Ragon Institute of Mass General, MIT and Harvard, Cambridge, MA, USA; Harvard Medical School, Boston, MA, USA.
Ragon Institute of Mass General, MIT and Harvard, Cambridge, MA, USA.
Cell. 2024 May 9;187(10):2393-2410.e14. doi: 10.1016/j.cell.2024.03.026. Epub 2024 Apr 22.
SARS-CoV-2 and other sarbecoviruses continue to threaten humanity, highlighting the need to characterize common mechanisms of viral immune evasion for pandemic preparedness. Cytotoxic lymphocytes are vital for antiviral immunity and express NKG2D, an activating receptor conserved among mammals that recognizes infection-induced stress ligands (e.g., MIC-A/B). We found that SARS-CoV-2 evades NKG2D recognition by surface downregulation of MIC-A/B via shedding, observed in human lung tissue and COVID-19 patient serum. Systematic testing of SARS-CoV-2 proteins revealed that ORF6, an accessory protein uniquely conserved among sarbecoviruses, was responsible for MIC-A/B downregulation via shedding. Further investigation demonstrated that natural killer (NK) cells efficiently killed SARS-CoV-2-infected cells and limited viral spread. However, inhibition of MIC-A/B shedding with a monoclonal antibody, 7C6, further enhanced NK-cell activity toward SARS-CoV-2-infected cells. Our findings unveil a strategy employed by SARS-CoV-2 to evade cytotoxic immunity, identify the culprit immunevasin shared among sarbecoviruses, and suggest a potential novel antiviral immunotherapy.

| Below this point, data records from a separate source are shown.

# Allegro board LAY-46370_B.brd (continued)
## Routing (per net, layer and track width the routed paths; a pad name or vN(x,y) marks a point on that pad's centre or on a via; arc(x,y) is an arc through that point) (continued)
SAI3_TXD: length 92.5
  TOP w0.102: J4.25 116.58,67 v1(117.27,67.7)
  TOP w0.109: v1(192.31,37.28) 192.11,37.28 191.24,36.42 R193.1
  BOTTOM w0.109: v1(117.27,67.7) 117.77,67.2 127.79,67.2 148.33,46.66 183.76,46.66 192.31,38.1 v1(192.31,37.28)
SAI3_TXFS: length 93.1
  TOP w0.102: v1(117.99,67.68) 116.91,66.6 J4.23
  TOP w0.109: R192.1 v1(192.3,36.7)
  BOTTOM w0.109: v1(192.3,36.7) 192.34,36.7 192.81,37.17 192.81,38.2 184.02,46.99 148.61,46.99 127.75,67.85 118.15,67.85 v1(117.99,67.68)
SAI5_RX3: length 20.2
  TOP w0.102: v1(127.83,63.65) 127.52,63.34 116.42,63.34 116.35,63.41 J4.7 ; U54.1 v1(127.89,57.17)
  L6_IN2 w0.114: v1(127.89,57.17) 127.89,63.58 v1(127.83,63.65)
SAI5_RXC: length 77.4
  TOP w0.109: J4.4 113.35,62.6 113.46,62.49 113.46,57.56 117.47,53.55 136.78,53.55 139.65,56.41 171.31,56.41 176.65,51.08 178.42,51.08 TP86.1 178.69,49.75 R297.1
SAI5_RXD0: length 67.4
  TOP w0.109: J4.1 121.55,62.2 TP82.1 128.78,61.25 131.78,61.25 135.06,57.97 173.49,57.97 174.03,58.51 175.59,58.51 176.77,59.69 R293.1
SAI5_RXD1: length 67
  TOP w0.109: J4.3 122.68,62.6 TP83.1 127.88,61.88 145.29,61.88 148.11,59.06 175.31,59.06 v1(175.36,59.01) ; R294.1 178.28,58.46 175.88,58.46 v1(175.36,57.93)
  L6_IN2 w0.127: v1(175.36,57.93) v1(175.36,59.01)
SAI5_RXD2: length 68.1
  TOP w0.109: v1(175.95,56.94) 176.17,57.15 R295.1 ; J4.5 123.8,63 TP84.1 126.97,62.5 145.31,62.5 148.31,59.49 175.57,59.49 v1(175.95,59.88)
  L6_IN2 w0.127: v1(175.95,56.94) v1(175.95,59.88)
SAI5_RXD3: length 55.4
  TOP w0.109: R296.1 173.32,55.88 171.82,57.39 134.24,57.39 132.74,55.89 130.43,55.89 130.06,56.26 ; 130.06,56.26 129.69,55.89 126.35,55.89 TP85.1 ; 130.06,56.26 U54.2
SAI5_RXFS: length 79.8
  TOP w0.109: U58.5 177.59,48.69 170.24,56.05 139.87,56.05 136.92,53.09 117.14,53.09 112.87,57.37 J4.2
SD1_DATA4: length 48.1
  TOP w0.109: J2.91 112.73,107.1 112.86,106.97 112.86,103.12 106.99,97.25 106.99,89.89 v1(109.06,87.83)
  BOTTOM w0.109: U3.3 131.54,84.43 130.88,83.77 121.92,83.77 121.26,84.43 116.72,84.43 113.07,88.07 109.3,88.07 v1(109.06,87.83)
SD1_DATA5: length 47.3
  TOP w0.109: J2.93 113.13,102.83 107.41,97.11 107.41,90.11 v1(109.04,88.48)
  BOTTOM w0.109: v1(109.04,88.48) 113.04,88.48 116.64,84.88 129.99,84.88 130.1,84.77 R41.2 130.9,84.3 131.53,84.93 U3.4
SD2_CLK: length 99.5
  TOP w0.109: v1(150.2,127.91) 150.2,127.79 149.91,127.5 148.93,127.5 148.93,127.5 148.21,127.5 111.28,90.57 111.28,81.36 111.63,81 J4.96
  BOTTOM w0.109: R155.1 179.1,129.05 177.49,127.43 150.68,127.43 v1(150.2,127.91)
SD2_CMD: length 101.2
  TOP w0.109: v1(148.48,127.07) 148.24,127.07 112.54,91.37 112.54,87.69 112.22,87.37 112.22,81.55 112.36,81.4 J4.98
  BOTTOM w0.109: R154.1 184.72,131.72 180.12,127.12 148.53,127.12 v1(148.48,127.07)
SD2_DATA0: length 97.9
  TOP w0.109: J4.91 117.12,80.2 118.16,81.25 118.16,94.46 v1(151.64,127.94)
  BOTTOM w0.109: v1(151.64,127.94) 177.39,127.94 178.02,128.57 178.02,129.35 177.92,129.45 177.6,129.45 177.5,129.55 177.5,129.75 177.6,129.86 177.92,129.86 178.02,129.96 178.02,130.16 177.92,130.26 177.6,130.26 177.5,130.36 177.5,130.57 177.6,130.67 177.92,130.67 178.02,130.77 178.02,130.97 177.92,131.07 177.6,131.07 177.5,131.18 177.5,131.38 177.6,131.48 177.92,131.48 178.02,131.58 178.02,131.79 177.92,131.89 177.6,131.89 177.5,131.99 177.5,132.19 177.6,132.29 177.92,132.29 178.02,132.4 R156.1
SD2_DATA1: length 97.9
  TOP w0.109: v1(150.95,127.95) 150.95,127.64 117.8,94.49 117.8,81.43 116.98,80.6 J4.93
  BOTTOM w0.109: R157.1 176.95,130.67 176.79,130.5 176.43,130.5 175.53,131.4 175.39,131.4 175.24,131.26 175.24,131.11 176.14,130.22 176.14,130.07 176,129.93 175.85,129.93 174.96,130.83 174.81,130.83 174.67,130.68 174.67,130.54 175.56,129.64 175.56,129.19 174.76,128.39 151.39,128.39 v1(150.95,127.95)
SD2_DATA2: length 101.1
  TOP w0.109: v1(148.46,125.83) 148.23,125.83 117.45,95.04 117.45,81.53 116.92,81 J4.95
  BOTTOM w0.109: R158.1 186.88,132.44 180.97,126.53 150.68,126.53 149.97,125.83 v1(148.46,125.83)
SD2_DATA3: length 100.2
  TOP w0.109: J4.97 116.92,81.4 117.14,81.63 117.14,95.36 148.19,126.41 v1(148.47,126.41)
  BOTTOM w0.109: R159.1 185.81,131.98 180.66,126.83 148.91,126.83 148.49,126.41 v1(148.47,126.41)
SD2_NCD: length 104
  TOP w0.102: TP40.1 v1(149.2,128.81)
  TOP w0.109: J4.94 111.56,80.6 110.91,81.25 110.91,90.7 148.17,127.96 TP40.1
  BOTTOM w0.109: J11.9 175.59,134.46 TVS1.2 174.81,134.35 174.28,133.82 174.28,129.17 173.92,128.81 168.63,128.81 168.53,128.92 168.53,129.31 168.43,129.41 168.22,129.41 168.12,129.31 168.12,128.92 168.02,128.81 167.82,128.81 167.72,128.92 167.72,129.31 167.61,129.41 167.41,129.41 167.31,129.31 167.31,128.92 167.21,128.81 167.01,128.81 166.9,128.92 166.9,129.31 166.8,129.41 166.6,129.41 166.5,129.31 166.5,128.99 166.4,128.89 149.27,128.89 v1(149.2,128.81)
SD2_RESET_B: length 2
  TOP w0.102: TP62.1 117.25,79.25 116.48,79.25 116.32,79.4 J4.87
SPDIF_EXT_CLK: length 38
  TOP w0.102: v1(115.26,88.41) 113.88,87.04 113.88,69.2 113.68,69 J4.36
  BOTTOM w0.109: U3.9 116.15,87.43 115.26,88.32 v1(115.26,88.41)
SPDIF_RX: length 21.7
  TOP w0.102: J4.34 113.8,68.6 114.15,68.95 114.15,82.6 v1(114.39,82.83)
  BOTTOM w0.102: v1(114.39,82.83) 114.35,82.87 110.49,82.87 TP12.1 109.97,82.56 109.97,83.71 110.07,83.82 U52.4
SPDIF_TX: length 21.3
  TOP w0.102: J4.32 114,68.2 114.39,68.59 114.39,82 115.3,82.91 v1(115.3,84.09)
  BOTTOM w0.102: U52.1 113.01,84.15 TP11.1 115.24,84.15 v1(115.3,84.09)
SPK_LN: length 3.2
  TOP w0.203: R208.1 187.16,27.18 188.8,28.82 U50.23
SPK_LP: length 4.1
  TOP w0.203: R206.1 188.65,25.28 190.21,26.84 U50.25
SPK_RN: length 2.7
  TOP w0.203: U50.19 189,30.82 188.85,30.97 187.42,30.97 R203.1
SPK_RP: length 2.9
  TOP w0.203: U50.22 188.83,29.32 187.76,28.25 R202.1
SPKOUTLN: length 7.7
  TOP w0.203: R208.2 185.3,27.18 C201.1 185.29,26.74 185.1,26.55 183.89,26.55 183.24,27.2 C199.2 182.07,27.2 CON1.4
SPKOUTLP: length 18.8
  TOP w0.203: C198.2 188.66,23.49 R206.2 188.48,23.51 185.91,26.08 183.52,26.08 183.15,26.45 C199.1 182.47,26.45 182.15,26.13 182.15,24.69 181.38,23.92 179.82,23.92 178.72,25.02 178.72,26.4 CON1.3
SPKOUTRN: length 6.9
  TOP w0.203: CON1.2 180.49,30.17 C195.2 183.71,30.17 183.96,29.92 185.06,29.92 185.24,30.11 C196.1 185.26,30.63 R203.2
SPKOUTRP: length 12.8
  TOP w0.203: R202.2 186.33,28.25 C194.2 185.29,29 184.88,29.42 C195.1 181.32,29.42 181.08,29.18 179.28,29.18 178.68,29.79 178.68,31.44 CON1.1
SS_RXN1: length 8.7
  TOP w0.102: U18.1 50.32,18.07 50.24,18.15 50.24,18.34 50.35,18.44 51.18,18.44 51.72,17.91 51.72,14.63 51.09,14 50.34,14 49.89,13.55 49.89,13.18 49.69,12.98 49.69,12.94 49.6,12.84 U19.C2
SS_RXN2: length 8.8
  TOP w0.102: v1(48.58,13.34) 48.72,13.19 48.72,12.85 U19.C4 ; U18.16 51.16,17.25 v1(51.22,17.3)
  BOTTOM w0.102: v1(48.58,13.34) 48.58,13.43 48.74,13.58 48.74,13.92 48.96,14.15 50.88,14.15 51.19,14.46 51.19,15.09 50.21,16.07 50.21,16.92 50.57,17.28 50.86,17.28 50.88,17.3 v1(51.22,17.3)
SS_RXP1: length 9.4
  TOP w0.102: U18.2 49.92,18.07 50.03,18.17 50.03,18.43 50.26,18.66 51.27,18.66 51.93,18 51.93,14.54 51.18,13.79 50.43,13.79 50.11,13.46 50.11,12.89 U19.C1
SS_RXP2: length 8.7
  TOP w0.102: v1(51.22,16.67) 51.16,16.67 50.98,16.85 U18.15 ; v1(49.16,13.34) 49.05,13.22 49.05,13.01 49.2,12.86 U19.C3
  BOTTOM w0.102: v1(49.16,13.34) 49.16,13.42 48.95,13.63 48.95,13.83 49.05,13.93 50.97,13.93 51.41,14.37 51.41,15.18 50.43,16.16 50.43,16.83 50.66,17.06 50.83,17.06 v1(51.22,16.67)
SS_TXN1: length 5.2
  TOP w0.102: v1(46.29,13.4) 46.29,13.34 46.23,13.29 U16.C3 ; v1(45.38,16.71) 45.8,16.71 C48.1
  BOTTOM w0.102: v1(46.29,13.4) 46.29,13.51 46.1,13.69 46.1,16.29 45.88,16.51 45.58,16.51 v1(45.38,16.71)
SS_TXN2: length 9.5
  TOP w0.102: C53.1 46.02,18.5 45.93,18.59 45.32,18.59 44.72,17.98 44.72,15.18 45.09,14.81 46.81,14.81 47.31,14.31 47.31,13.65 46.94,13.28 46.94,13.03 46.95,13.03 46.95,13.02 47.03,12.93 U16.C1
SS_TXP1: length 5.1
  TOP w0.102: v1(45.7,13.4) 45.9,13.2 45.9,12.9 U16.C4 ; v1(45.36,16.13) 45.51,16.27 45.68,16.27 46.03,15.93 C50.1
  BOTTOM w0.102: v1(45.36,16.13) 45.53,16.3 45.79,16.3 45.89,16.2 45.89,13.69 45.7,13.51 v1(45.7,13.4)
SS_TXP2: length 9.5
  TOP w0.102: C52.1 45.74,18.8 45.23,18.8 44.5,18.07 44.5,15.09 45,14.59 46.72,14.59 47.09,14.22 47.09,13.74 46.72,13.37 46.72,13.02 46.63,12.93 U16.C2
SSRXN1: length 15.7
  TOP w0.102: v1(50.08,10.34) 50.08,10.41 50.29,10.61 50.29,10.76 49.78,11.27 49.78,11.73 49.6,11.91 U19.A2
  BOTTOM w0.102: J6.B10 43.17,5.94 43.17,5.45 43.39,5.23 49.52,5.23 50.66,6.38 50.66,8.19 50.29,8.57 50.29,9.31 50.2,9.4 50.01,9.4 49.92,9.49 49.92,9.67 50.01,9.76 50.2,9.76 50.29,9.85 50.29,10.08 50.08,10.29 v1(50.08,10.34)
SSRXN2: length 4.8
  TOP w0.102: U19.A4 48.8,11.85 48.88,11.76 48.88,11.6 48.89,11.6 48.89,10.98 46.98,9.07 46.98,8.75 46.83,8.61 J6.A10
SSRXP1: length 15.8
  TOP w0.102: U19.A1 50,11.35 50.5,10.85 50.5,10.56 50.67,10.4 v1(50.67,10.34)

SARS-CoV-2 和其他沙贝科病毒继续威胁着人类,这凸显出需要对病毒免疫逃逸的常见机制进行特征分析,以为大流行的防范做好准备。细胞毒性淋巴细胞对抗病毒免疫至关重要,它们表达 NKG2D,这是一种在哺乳动物中保守的激活受体,可识别感染诱导的应激配体(例如 MIC-A/B)。我们发现,SARS-CoV-2 通过脱落来下调 MIC-A/B 的表面表达来逃避 NKG2D 的识别,这在人肺组织和 COVID-19 患者血清中都有观察到。对 SARS-CoV-2 蛋白的系统测试表明,ORF6 是一种在沙贝科病毒中独特保守的辅助蛋白,通过脱落来负责 MIC-A/B 的下调。进一步的研究表明,自然杀伤 (NK) 细胞可有效杀死 SARS-CoV-2 感染的细胞并限制病毒的传播。然而,用单克隆抗体 7C6 抑制 MIC-A/B 的脱落可进一步增强 NK 细胞对 SARS-CoV-2 感染细胞的活性。我们的发现揭示了 SARS-CoV-2 逃避细胞毒性免疫的一种策略,鉴定了沙贝科病毒之间共有的免疫逃逸因子,并提出了一种潜在的新型抗病毒免疫疗法。